Nach Einschätzung eines linksorientierten Juristen handelt es sich bei der Wahl einer noch nie als Richter fungierenden Person an die Spitze der Justizhierarchie um einen in der Geschichte des demokratischen Ungarn beispiellosen Vorgang. Ein Rechtsphilosoph wiederum vermerkt, dass diejenigen, die Mitglieder des Verfassungsgerichts nicht als Richter betrachteten, in Wirklichkeit die Legitimität dieses Organs an sich anzweifeln würden. Presseschau von budapost.de.
Das Parlament hat am Montag Dr. Zsolt András Varga zum neuen Präsidenten der Kúria, des obersten ungarischen Gerichtshofes, gewählt. Die meisten Oppositionsabgeordneten boykottierten die Abstimmung aus Protest. Zsolt András Varga war zehn Jahre lang stellvertretender Chefankläger, bevor er 2014 in das Verfassungsgericht gewählt wurde. Die Mitglieder des Obersten Gerichts müssen mindestens fünf Jahre lang als Richter tätig gewesen sein, aber eine Novellierung des Gesetzes über die Kúria hatte im vergangenen Jahr festgelegt, dass auch die Mitgliedschaft in internationalen Gerichten oder im Verfassungsgericht selbst diese Anforderung erfülle.

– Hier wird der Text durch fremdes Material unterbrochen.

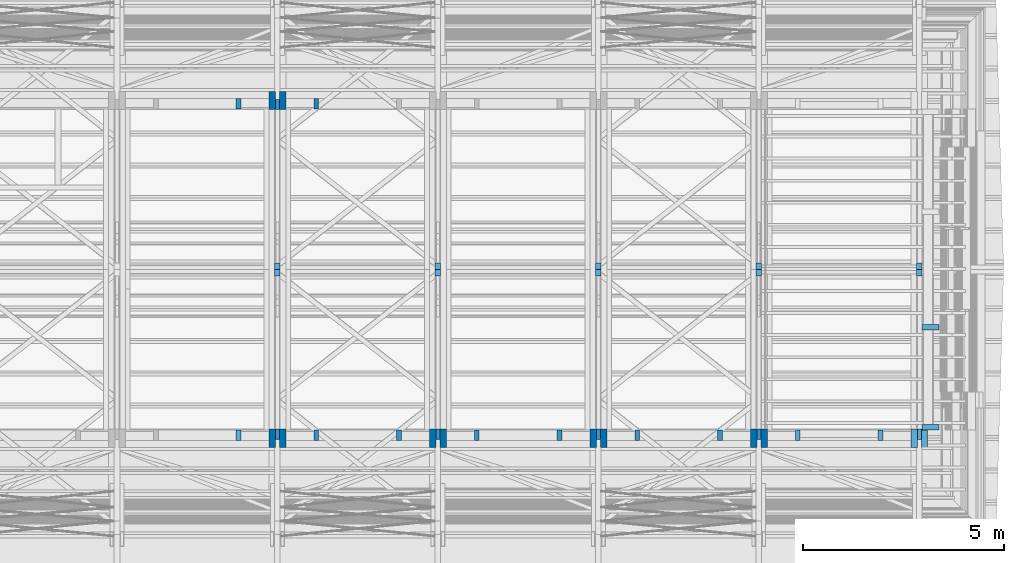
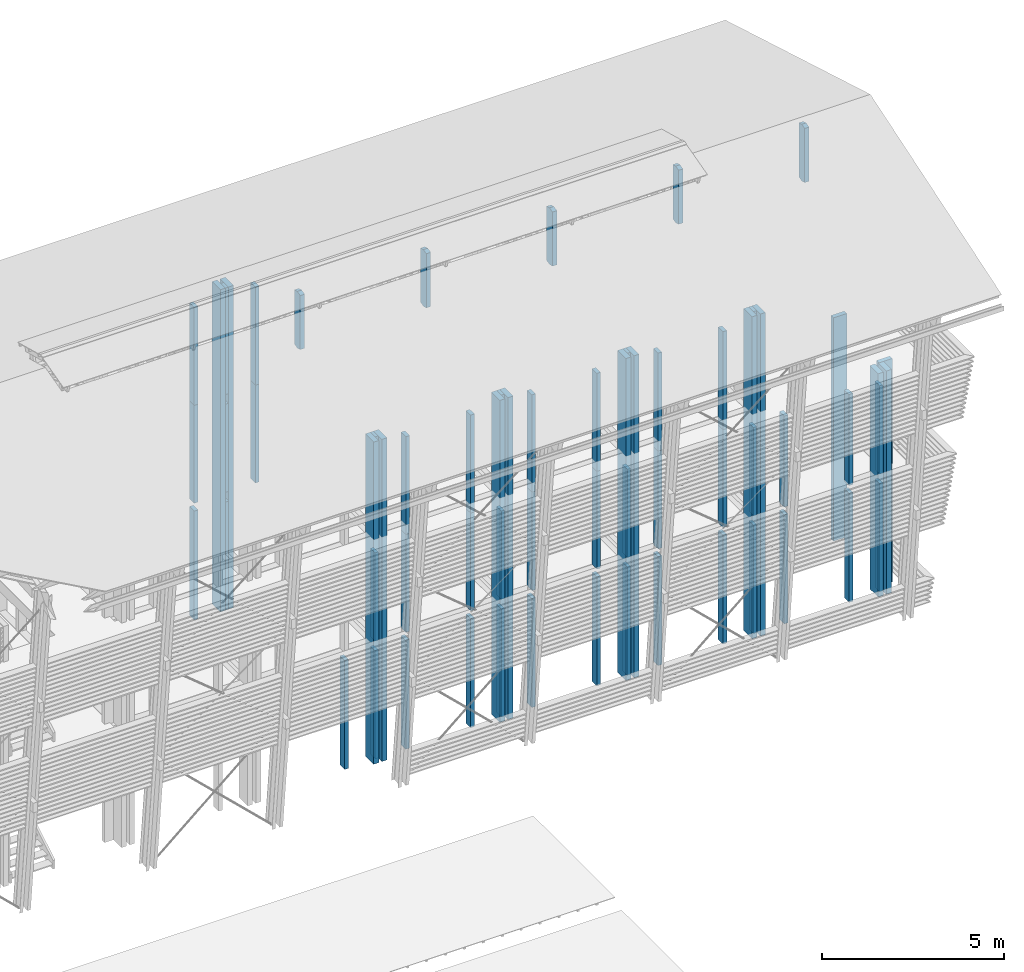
# One storey, part 3 of 48: 64 columns.
"""IFC2X3 building model written with IfcOpenShell, lengths in metres."""

from ifc_helpers import new_model, si_unit, direction, frame, origin_with_axes, place, context, subcontext, project, spatial, faceted_brep, material, element, save


model = new_model("IFC2X3")

# Units and contexts
model_context = context("Model", 3, precision=1e-06, world=origin_with_axes(), true_north=direction((0.0, 1.0, 0.0)))
body_context = subcontext(model_context, "Body", "Model", "MODEL_VIEW")
ifc_project = project(units=[si_unit("LENGTHUNIT", "METRE"), si_unit("AREAUNIT", "SQUARE_METRE"), si_unit("VOLUMEUNIT", "CUBIC_METRE"), si_unit("PLANEANGLEUNIT", "RADIAN")], contexts=[model_context])

# Site, building, storey
site_placement = place(None, origin_with_axes())
site = spatial("IfcSite", under=ifc_project, at=site_placement, CompositionType="ELEMENT")
building_placement = place(site_placement, origin_with_axes())
building = spatial("IfcBuilding", under=site, at=building_placement, Name="Building 1", CompositionType="ELEMENT")
storey_placement = place(building_placement, origin_with_axes())
storey = spatial("IfcBuildingStorey", under=building, at=storey_placement, Name="Storey 1", CompositionType="ELEMENT", Elevation=0.0)

# Columns
ifc_material = material(Name="GL28h")
column_1_placement = place(storey_placement, frame((68.5197437, -193.3396515, 4.215), z_axis=(0.0, 1.0, 0.0), x_axis=(0.0, 0.0, 1.0)))
element("IfcColumn", 1, at=column_1_placement, inside=storey, material=ifc_material, Name="poteau encadrement menuiserie", context=body_context, shape_type="Brep", body=[
    faceted_brep([(3.055, -0.06, 0.13), (3.055, 0.06, 0.13), (0.0, 0.06, 0.13), (0.0, -0.06, 0.13), (3.055, 0.06, -0.13), (0.0, 0.06, -0.13), (3.055, -0.06, -0.13), (0.0, -0.06, -0.13)], [[[0, 1, 2, 3]], [[1, 4, 5, 2]], [[4, 6, 7, 5]], [[7, 3, 2, 5]], [[6, 0, 3, 7]], [[0, 6, 4, 1]]]),
])
column_2_placement = place(storey_placement, frame((65.6197437, -193.4196515, 0.3), z_axis=(0.0, 1.0, 0.0), x_axis=(0.0, 0.0, 1.0)))
element("IfcColumn", 2, at=column_2_placement, inside=storey, material=ifc_material, Name="Poteau", context=body_context, shape_type="Brep", body=[
    faceted_brep([(10.8, 0.08, 0.23), (0.0, 0.08, 0.23), (0.0, -0.08, 0.23), (10.8, -0.08, 0.23), (10.8, 0.08, -0.23), (0.0, 0.08, -0.23), (10.8, -0.08, -0.23), (0.0, -0.08, -0.23)], [[[0, 1, 2, 3]], [[0, 4, 5, 1]], [[6, 7, 5, 4]], [[2, 7, 6, 3]], [[1, 5, 7, 2]], [[3, 6, 4, 0]]]),
])
column_3_placement = place(storey_placement, frame((57.4897437, -189.2080698, 11.5112653), z_axis=(0.0, -1.0, 0.0), x_axis=(0.0, 0.0, 1.0)))
element("IfcColumn", 3, at=column_3_placement, inside=storey, material=ifc_material, Name="poinçon", context=body_context, shape_type="Brep", body=[
    faceted_brep([(0.0428719, 0.07, 0.16), (0.0428719, -0.07, 0.16), (1.8571281, -0.07, 0.16), (1.8571281, 0.07, 0.16), (0.0, -0.07, 0.0), (0.0, 0.07, 0.0), (1.9, -0.07, 0.0), (1.9, 0.07, 0.0), (0.0428719, 0.07, -0.16), (0.0428719, -0.07, -0.16), (1.8571281, 0.07, -0.16), (1.8571281, -0.07, -0.16)], [[[0, 1, 2, 3]], [[4, 1, 0, 5]], [[6, 7, 3, 2]], [[8, 9, 4, 5]], [[8, 5, 0, 3, 7, 10]], [[9, 8, 10, 11]], [[11, 10, 7, 6]], [[4, 9, 11, 6, 2, 1]]]),
])
column_4_placement = place(storey_placement, frame((57.4897437, -193.3196515, 7.529), z_axis=(0.0, -1.0, 0.0), x_axis=(0.0, 0.0, 1.0)))
element("IfcColumn", 4, at=column_4_placement, inside=storey, material=ifc_material, Name="Fourrure", context=body_context, shape_type="Brep", body=[
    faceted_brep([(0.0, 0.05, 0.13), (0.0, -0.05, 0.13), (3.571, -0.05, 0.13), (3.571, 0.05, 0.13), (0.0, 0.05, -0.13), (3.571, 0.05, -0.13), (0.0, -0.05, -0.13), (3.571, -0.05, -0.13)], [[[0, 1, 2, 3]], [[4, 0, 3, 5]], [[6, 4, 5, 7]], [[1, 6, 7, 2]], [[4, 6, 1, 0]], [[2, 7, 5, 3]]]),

Bei der Wahl vom Montag handele es sich um den ersten Fall seit dem Einzug der Demokratie in Ungarn, dass jemand ohne Erfahrung als Richter Präsident des Obersten Gerichtshofs werde. Darauf hat der Jurist Péter Bárándy verwiesen. In einem Interview mit Klubrádió äußerte der Justizminister der Jahre 2002 bis 2004 im Kabinett des sozialistischen Ministerpräsidenten Péter Medgyessy die Befürchtung, dass die Ernennung Vargas das Risiko einer politischen Voreingenommenheit im Bereich der ungarischen Justiz erhöht habe. Die Richter müssten einem Ethos verpflichtet sein, wollten sie unabhängig urteilen, argumentierte Bárándy und äußerte diesbezüglich Zweifel an Dr. Varga.
Auf Azonnali geht Péter Techet nicht auf die Person des neuen obersten Richters ein, hält aber die Behauptung seiner Gegner, wonach es sich bei einem Mitglied des Verfassungsgerichts nicht um einen Richter handeln würde, für fragwürdig. Das sei die Position, die seit jeher von denjenigen verteidigt werde, die die Legitimität der Verfassungsgerichte im Allgemeinen bestritten – allen voran der Deutsche Karl Schmidt, der berühmte rechtsradikale Rechtsphilosoph, notiert Techet.